In this analysis, publications authored by U.S. Geological Survey (USGS) researchers were evaluated to determine the presence of data citations. The USGS is a research agency that provides science about natural hazards, natural resources, ecosystems and environmental health, and the effects of climate and land-use change (). USGS research is disseminated through various types of publications, including USGS-authored journal articles through external publishers and series reports published by the USGS (). An agreement between USGS and xDD has enabled xDD to index USGS series reports (). Publink and xDD are ideal tools for examining data mentioned within the full text of USGS series reports as well as USGS-authored publications indexed in xDD. Additionally, USGS researchers, through an instructional memorandum, were encouraged to publicly release data associated with their scholarly publications as of 2015 (). This instructional memorandum became policy and went into full effect in 2016 (). USGS policy requires that these data be assigned a DOI, be accompanied by a citation, and be referenced from the associated publication ().
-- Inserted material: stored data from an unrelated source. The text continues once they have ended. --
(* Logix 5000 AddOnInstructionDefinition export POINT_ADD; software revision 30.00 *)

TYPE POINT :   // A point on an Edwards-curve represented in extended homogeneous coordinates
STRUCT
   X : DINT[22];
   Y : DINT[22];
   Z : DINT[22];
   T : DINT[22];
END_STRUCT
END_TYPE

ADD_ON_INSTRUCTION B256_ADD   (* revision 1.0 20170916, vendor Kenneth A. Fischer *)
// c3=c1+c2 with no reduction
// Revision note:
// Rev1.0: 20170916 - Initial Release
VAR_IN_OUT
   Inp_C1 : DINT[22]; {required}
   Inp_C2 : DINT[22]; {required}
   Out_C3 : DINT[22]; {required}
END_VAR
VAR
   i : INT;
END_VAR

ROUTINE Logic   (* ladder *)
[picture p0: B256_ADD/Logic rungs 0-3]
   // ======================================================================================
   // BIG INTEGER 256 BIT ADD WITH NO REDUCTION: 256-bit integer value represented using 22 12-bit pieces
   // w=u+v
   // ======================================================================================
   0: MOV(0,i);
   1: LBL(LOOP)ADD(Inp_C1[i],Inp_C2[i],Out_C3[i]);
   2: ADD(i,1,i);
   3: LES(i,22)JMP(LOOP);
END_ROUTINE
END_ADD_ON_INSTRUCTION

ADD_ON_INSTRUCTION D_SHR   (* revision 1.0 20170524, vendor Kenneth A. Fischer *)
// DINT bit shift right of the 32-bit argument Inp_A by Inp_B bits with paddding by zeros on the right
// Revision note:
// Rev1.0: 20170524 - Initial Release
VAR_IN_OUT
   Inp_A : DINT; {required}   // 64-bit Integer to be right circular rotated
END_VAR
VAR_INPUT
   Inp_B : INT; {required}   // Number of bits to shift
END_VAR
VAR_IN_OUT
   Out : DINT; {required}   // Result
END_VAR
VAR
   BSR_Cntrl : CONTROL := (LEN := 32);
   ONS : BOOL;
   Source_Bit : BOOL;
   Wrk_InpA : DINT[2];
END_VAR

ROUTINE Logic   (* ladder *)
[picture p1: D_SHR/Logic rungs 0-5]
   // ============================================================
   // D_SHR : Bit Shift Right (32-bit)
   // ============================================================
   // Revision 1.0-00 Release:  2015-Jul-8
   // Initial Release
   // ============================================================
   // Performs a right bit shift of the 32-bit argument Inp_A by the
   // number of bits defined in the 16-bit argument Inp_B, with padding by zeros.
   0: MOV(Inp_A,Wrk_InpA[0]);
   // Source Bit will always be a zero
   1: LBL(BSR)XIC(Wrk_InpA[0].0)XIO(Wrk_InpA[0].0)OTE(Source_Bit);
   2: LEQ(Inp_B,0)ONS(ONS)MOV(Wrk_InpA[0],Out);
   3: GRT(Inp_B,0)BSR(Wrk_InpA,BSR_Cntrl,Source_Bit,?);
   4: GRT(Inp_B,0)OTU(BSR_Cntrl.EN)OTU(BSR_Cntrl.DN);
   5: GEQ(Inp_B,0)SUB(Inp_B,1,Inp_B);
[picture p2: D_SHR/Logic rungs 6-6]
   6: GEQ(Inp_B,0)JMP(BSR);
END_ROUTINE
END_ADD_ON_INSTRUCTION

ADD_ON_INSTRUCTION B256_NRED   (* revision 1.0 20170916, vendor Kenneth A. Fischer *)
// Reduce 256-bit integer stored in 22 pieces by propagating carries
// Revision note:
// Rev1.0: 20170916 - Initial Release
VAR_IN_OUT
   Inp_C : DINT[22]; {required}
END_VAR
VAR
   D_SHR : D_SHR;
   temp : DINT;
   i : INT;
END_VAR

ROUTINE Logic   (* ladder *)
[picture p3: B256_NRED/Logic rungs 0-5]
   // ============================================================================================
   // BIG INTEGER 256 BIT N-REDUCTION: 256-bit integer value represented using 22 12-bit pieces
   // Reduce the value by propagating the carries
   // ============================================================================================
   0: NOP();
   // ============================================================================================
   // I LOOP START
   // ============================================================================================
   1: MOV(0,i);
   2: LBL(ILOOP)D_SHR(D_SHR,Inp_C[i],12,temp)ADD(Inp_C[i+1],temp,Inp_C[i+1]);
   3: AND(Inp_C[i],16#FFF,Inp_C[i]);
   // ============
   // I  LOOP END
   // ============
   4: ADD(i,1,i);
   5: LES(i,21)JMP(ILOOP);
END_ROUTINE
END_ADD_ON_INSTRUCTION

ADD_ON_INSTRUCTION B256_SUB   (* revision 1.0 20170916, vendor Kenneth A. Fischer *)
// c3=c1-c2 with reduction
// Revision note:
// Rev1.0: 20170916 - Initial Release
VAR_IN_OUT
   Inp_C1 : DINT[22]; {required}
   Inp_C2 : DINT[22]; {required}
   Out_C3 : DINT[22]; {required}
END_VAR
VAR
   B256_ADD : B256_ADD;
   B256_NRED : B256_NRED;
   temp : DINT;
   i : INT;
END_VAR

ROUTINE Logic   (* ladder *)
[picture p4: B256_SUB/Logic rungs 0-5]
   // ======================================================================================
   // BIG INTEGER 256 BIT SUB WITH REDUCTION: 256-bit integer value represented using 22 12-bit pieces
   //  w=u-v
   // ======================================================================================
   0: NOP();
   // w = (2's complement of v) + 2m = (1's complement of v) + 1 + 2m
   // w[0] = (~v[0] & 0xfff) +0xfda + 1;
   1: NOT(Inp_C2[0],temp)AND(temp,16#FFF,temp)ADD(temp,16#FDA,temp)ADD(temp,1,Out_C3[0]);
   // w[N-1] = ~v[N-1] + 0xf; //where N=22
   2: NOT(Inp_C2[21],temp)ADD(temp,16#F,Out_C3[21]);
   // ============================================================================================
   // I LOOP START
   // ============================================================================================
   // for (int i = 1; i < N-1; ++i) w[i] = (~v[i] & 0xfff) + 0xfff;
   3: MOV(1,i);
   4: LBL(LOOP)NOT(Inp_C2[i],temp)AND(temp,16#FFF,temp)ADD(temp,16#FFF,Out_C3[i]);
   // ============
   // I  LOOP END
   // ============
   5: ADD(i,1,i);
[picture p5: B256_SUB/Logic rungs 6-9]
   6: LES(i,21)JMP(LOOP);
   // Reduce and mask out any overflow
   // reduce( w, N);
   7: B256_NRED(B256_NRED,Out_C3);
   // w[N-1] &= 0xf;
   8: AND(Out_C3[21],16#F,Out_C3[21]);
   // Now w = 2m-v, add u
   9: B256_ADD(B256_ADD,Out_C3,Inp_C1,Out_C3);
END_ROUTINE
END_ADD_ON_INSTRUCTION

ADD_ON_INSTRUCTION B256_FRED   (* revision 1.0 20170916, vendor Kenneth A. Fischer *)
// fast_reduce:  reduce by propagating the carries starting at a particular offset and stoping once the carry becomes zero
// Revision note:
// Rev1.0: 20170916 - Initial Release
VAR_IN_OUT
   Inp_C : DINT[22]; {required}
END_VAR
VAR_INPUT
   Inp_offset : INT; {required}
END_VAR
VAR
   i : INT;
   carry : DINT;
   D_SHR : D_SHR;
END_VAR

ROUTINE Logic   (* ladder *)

When USGS researchers acquire a DOI for their data through the USGS DOI Tool, they are asked to provide the DOI for the associated publication. The data DOI structural metadata offers access to a corpus of publications that should include data citations in some form (i.e., within the structural metadata or the full text). Considering these factors, the USGS presents a unique case study to evaluate the current state of data citations within a subset of the scientific research community. Our analysis shows how combined data citation tracking methods can be used to evaluate the extent to which researchers, publishers, and repositories have adhered to the ideal data citation workflow. This evaluation can help identify areas for improvement in data discoverability and accessibility.

Methods

Metrics on data citations in publications produced by USGS authors were collected and analyzed using the USGS data DOI database (USGS DOI Tool), xDD, and the Crossref Application Programming Interface (API) in Jupyter Notebooks. These data were used to create a baseline analysis of how often researchers have cited the associated data in publications. Publications released from 2016 through 2022 were included in the collection. Publications released prior to 2016 were not included in the collection on account of the USGS instructional memorandum () that became policy and went into full effect in 2016. Using the USGS DOI Tool API, we created an initial dataset by extracting data DOIs whose metadata included a related primary publication DOI. Additional related primary publication DOIs were identified through quality checks that captured incorrectly formatted DOIs (e.g., related primary publication DOIs not being stored in the DOI URL format) or placeholder DOIs (e.g., https://doi.org/10.xxxxxxx.xxxxxx) (). In total, there were 2,772 publications included in the analysis dataset. Links from a data DOI to a related primary publication are manually supplied by data authors in the USGS DOI Tool and are not required. Additionally, not all USGS publications use newly generated data to support their conclusions, which means that their authors are not minting USGS DOIs for data referenced in the publication. Therefore, the related primary publications included in the analysis dataset represent only a subset (around 16%) of all USGS publications (17,841) between 2016 and 2022.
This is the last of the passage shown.